Women come to me in their late 50s convinced they’re just getting weaker with age. They’ve kept lifting, kept walking, kept doing everything right, and their strength still slipped. Nobody checked the one hormone marker that actually explains it. Nobody tested SHBG.
A new study using data from the Women’s Health Initiative just gave us the number. Researchers tracked 1,565 women after menopause who were not using hormone therapy, measured their sex hormones and SHBG, then followed their lean body mass over six years with repeat scans. Here’s what they found: women with the highest SHBG had lower lean mass and a higher risk of sarcopenia, while women with the highest free testosterone had 55% lower odds of sarcopenia compared to those with the lowest. The SHBG and muscle loss connection was not subtle.
Translation: it is not only about how much estrogen or testosterone your body makes. It’s about how much of it SHBG locks up and keeps from ever reaching your muscle. And almost nobody checks this number in a standard menopause workup.

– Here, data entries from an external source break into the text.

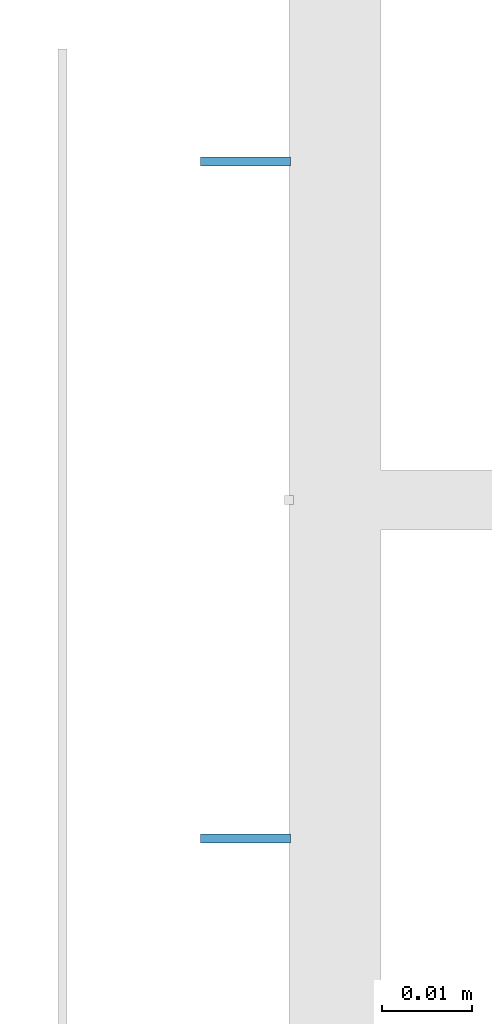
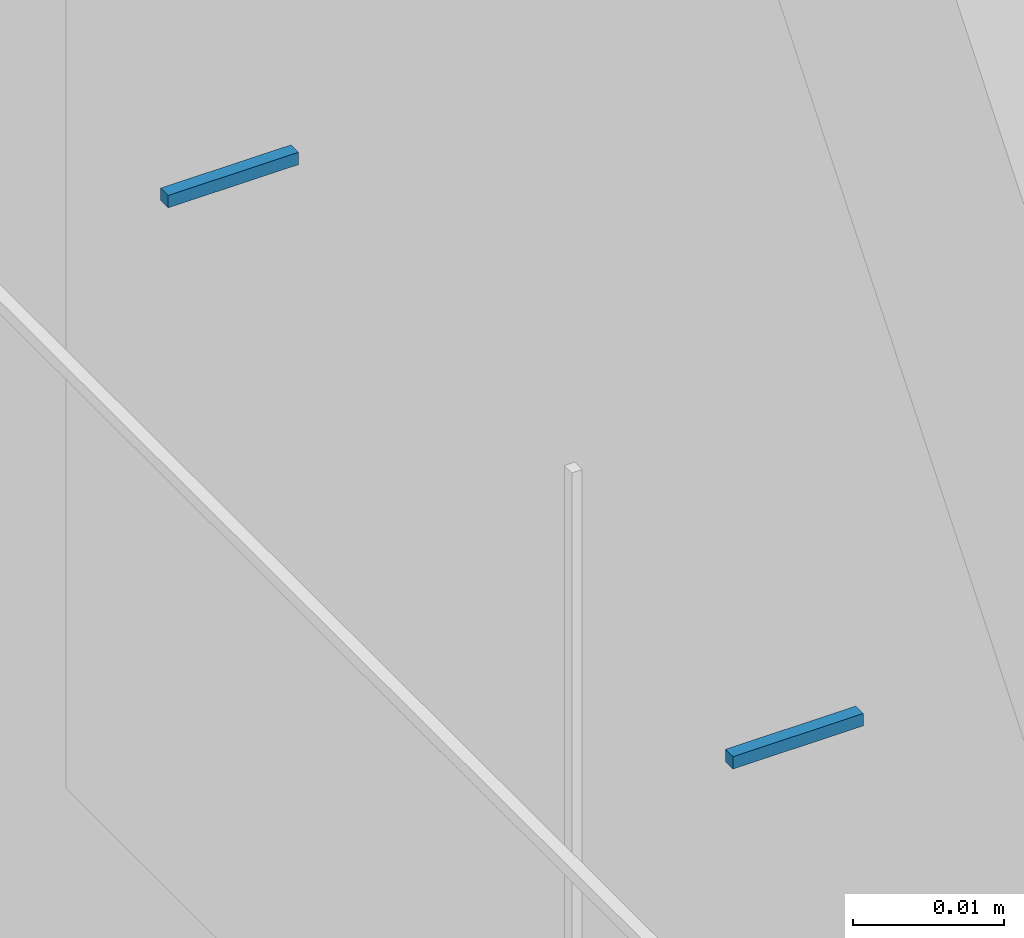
# One storey, part 93 of 186: 2 beams.
"""IFC4X3_ADD2 building model written with IfcOpenShell, lengths in millimetres."""

import ifcopenshell
import ifcopenshell.guid

model = None  # the IFC model being written
_history = None  # IfcOwnerHistory: only IFC2X3 demands one
_inside = {}  # id of a spatial element -> (the spatial element, [elements in it])
_under = {}  # id of a project, library or spatial element -> (it, [spatial elements below it])
_declared = {}  # id of a project -> (the project, [libraries it declares])
_typed = {}  # id of a type object -> (the type object, [elements of that type])
_made_of = {}  # id of a material, layer set ... -> (it, [elements and type objects made of it])


def new_model(schema):
    """Start an empty IFC model of exactly this schema.

    Asked for "IFC4X3", IfcOpenShell would pick the latest addendum, in which some entities
    have other attributes; the version numbers below select the first issue.
    IFC2X3 requires an IfcOwnerHistory on every rooted entity: one is made here for all.
    """
    global model, _history
    if schema == "IFC4X3":
        model = ifcopenshell.file(schema_version=(4, 3, 0, 0))
    else:
        model = ifcopenshell.file(schema=schema)
    _inside.clear()
    _under.clear()
    _declared.clear()
    _typed.clear()
    _made_of.clear()
    _history = None
    if model.schema == "IFC2X3":
        org = make("IfcOrganization", Name="unknown")
        user = make(
            "IfcPersonAndOrganization",
            ThePerson=make("IfcPerson", FamilyName="unknown"),
            TheOrganization=org,
        )
        app = make(
            "IfcApplication",
            ApplicationDeveloper=org,
            Version="unknown",
            ApplicationFullName="unknown",
            ApplicationIdentifier="unknown",
        )
        _history = make(
            "IfcOwnerHistory",
            OwningUser=user,
            OwningApplication=app,
            ChangeAction="ADDED",
            CreationDate=0,
        )
    return model


def make(cls, **values):
    """One entity of the class cls with the attributes given. An attribute that is None is left unset."""
    return model.create_entity(
        cls, **{name: value for name, value in values.items() if value is not None}
    )


def rooted(cls, **values):
    """An entity with a GlobalId (a new one), such as an element, a storey or a relation."""
    return make(cls, GlobalId=ifcopenshell.guid.new(), OwnerHistory=_history, **values)


def si_unit(unit_type, name, prefix=None):
    """IfcSIUnit, for example si_unit("LENGTHUNIT", "METRE", prefix="MILLI")."""
    return make("IfcSIUnit", UnitType=unit_type, Prefix=prefix, Name=name)


def assignment(units):
    """IfcUnitAssignment: the units of a project."""
    return None if units is None else make("IfcUnitAssignment", Units=units)


def point(xyz):
    """IfcCartesianPoint."""
    return None if xyz is None else make("IfcCartesianPoint", Coordinates=xyz)


def direction(xyz):
    """IfcDirection."""
    return None if xyz is None else make("IfcDirection", DirectionRatios=xyz)


def frame(location, z_axis=None, x_axis=None):
    """IfcAxis2Placement3D, a coordinate frame: its origin and axes. An axis left out is left unset."""
    return make(
        "IfcAxis2Placement3D",
        Location=point(location),
        Axis=direction(z_axis),
        RefDirection=direction(x_axis),
    )


def frame_2d(location, x_axis=None):
    """IfcAxis2Placement2D, a coordinate frame in the plane: its origin and x axis."""
    return make(
        "IfcAxis2Placement2D", Location=point(location), RefDirection=direction(x_axis)
    )


def origin_with_axes():
    """The frame at (0, 0, 0) with the z axis (0, 0, 1) and the x axis (1, 0, 0) written out."""
    return frame((0.0, 0.0, 0.0), z_axis=(0.0, 0.0, 1.0), x_axis=(1.0, 0.0, 0.0))


def place(relative_to, where):
    """IfcLocalPlacement: puts the frame where relative to a parent placement (None: the world)."""
    return make(
        "IfcLocalPlacement", PlacementRelTo=relative_to, RelativePlacement=where
    )


def context(
    kind, dimensions, precision=None, world=None, true_north=None, identifier=None
):
    """IfcGeometricRepresentationContext, for example the 3D "Model" context."""
    return make(
        "IfcGeometricRepresentationContext",
        ContextIdentifier=identifier,
        ContextType=kind,
        CoordinateSpaceDimension=dimensions,
        Precision=precision,
        WorldCoordinateSystem=world,
        TrueNorth=true_north,
    )


def subcontext(parent, identifier, kind, view, scale=None):
    """IfcGeometricRepresentationSubContext, for example "Body" below "Model"."""
    return make(
        "IfcGeometricRepresentationSubContext",
        ContextIdentifier=identifier,
        ContextType=kind,
        ParentContext=parent,
        TargetScale=scale,
        TargetView=view,
    )


def project(units=None, contexts=None):
    """IfcProject with its units and contexts."""
    return rooted(
        "IfcProject",
        Name="project",
        RepresentationContexts=contexts,
        UnitsInContext=assignment(units),
    )


def spatial(cls, under=None, at=None, **own):
    """A site, building, storey or space (cls), placed at a placement, below another one or the project."""
    s = rooted(cls, ObjectPlacement=at, **own)
    if under is not None:
        _under.setdefault(under.id(), (under, []))[1].append(s)
    return s


def profile(cls, at=None, kind="AREA", **sizes):
    """A parametric profile (cls). Its sizes go by their IFC names, for example OverallWidth=200.0."""
    return make(cls, ProfileType=kind, Position=at, **sizes)


def rectangle(**sizes):
    """IfcRectangleProfileDef."""
    return profile("IfcRectangleProfileDef", **sizes)


def extrude(swept, where, along, depth):
    """IfcExtrudedAreaSolid: the profile swept, set in the frame where, extruded along a direction by depth."""
    return make(
        "IfcExtrudedAreaSolid",
        SweptArea=swept,
        Position=where,
        ExtrudedDirection=direction(along),
        Depth=depth,
    )


def shape(context_of_items, identifier, shape_type, items):
    """IfcShapeRepresentation: the items that make up one representation, for example the "Body"."""
    return make(
        "IfcShapeRepresentation",
        ContextOfItems=context_of_items,
        RepresentationIdentifier=identifier,
        RepresentationType=shape_type,
        Items=items,
    )


def material(Name=None, Category=None):
    """IfcMaterial."""
    return make("IfcMaterial", Name=Name, Category=Category)


def made_of(thing, what):
    """Note that an element or type object is made of a material, layer set ...; save() writes the relation."""
    if what is not None:
        _made_of.setdefault(what.id(), (what, []))[1].append(thing)
    return thing


def element(
    cls,
    number,
    at=None,
    inside=None,
    cuts=None,
    type_object=None,
    material=None,
    context=None,
    identifier="Body",
    shape_type=None,
    held_by="IfcProductDefinitionShape",
    body=None,
    shapes=None,
    **own,
):
    """One element of the class cls, such as IfcWall. Its Tag is "e" and its number.

    at: its placement. inside: the storey or other place that contains it. cuts: it is an
    opening in that element (IfcRelVoidsElement). A single representation is given by context,
    identifier, shape_type and body (its items); several are given by shapes. held_by: the class
    of the entity that holds the representations. save() writes the other relations.
    """
    e = rooted(cls, Tag="e%d" % number, ObjectPlacement=at, **own)
    if body is not None:
        shapes = [shape(context, identifier, shape_type, body)]
    if shapes is not None:
        e.Representation = make(held_by, Representations=shapes)
    if inside is not None:
        _inside.setdefault(inside.id(), (inside, []))[1].append(e)
    if cuts is not None:
        rooted(
            "IfcRelVoidsElement", RelatingBuildingElement=cuts, RelatedOpeningElement=e
        )
    if type_object is not None:
        _typed.setdefault(type_object.id(), (type_object, []))[1].append(e)
    return made_of(e, material)


def aggregate(whole, parts):
    """IfcRelAggregates: a whole, such as a stair, and the parts it consists of."""
    return rooted("IfcRelAggregates", RelatingObject=whole, RelatedObjects=parts)


def save(model, path):
    """Write the relations noted so far, then the file.

    IfcRelAggregates (storeys below a building ...), IfcRelContainedInSpatialStructure (elements
    in a storey), IfcRelDefinesByType, IfcRelAssociatesMaterial and IfcRelDeclares: one each for
    every whole, place, type object, material and project.
    """
    for whole, parts in _under.values():
        aggregate(whole, parts)
    for where, things in _inside.values():
        rooted(
            "IfcRelContainedInSpatialStructure",
            RelatedElements=things,
            RelatingStructure=where,
        )
    for kind, things in _typed.values():
        rooted("IfcRelDefinesByType", RelatedObjects=things, RelatingType=kind)
    for what, things in _made_of.values():
        rooted("IfcRelAssociatesMaterial", RelatedObjects=things, RelatingMaterial=what)
    for by, libraries in _declared.values():
        rooted("IfcRelDeclares", RelatingContext=by, RelatedDefinitions=libraries)
    model.write(path)


model = new_model("IFC4X3_ADD2")

# Units and contexts
model_context = context("Model", 3, precision=1e-05, world=origin_with_axes(), true_north=direction((0.0, 1.0)))
body_context = subcontext(model_context, "Body", "Model", "MODEL_VIEW")
ifc_project = project(units=[si_unit("LENGTHUNIT", "METRE", prefix="MILLI"), si_unit("AREAUNIT", "SQUARE_METRE"), si_unit("VOLUMEUNIT", "CUBIC_METRE"), si_unit("PLANEANGLEUNIT", "RADIAN"), si_unit("TIMEUNIT", "SECOND"), si_unit("MASSUNIT", "GRAM")], contexts=[model_context])

# Site, building, storey
site_placement = place(None, origin_with_axes())
site = spatial("IfcSite", under=ifc_project, at=site_placement, Name="Site", CompositionType="ELEMENT")
building_placement = place(site_placement, origin_with_axes())
building = spatial("IfcBuilding", under=site, at=building_placement, Name="IFC Building Story")
storey_placement = place(building_placement, frame((0.0, 0.0, 4370.0), z_axis=(0.0, 0.0, 1.0), x_axis=(1.0, 0.0, 0.0)))
storey = spatial("IfcBuildingStorey", under=building, at=storey_placement, Name="ETAGE 10 (1)", Elevation=4370.0)

# Beams
ifc_material = material(Name="STEEL/Accessory_invisible")
for number, where, z_axis, x_axis, name in (
    (1, (48494.4886362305, 12282.5006109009, 3809.5), (-1.0, 0.0, 0.0), (0.0, -1.0, 0.0), "MP21"),
    (2, (48494.4886362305, 12357.5006109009, 3809.5), (-1.0, 0.0, 0.0), (0.0, -1.0, 0.0), "MP21"),
):
    element("IfcBeam", number, at=place(storey_placement, frame(where, z_axis=z_axis, x_axis=x_axis)), inside=storey, material=ifc_material, Name=name, ObjectType="1*1 3", context=body_context, shape_type="SweptSolid", body=[
        extrude(rectangle(XDim=0.9999999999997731, YDim=0.9999999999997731, at=frame_2d((0.0, 5.95523630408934e-12), x_axis=(1.0, 0.0))), origin_with_axes(), (0.0, 0.0, 1.0), 10.0),
    ])

save(model, "model.ifc")

What SHBG Actually Does to Your Muscle
SHBG, sex hormone-binding globulin, is a protein your liver makes that grabs onto estrogen and testosterone and carries them through your bloodstream. The catch: hormone attached to SHBG is not available to do its job. Only “free” hormone, the unbound portion, can actually reach muscle tissue and support growth and repair.
After menopause, SHBG levels often climb. So even if your total testosterone or estradiol numbers look fine on paper, more of it may be locked up and unavailable, leaving your muscle with less signal than the number on your lab report suggests.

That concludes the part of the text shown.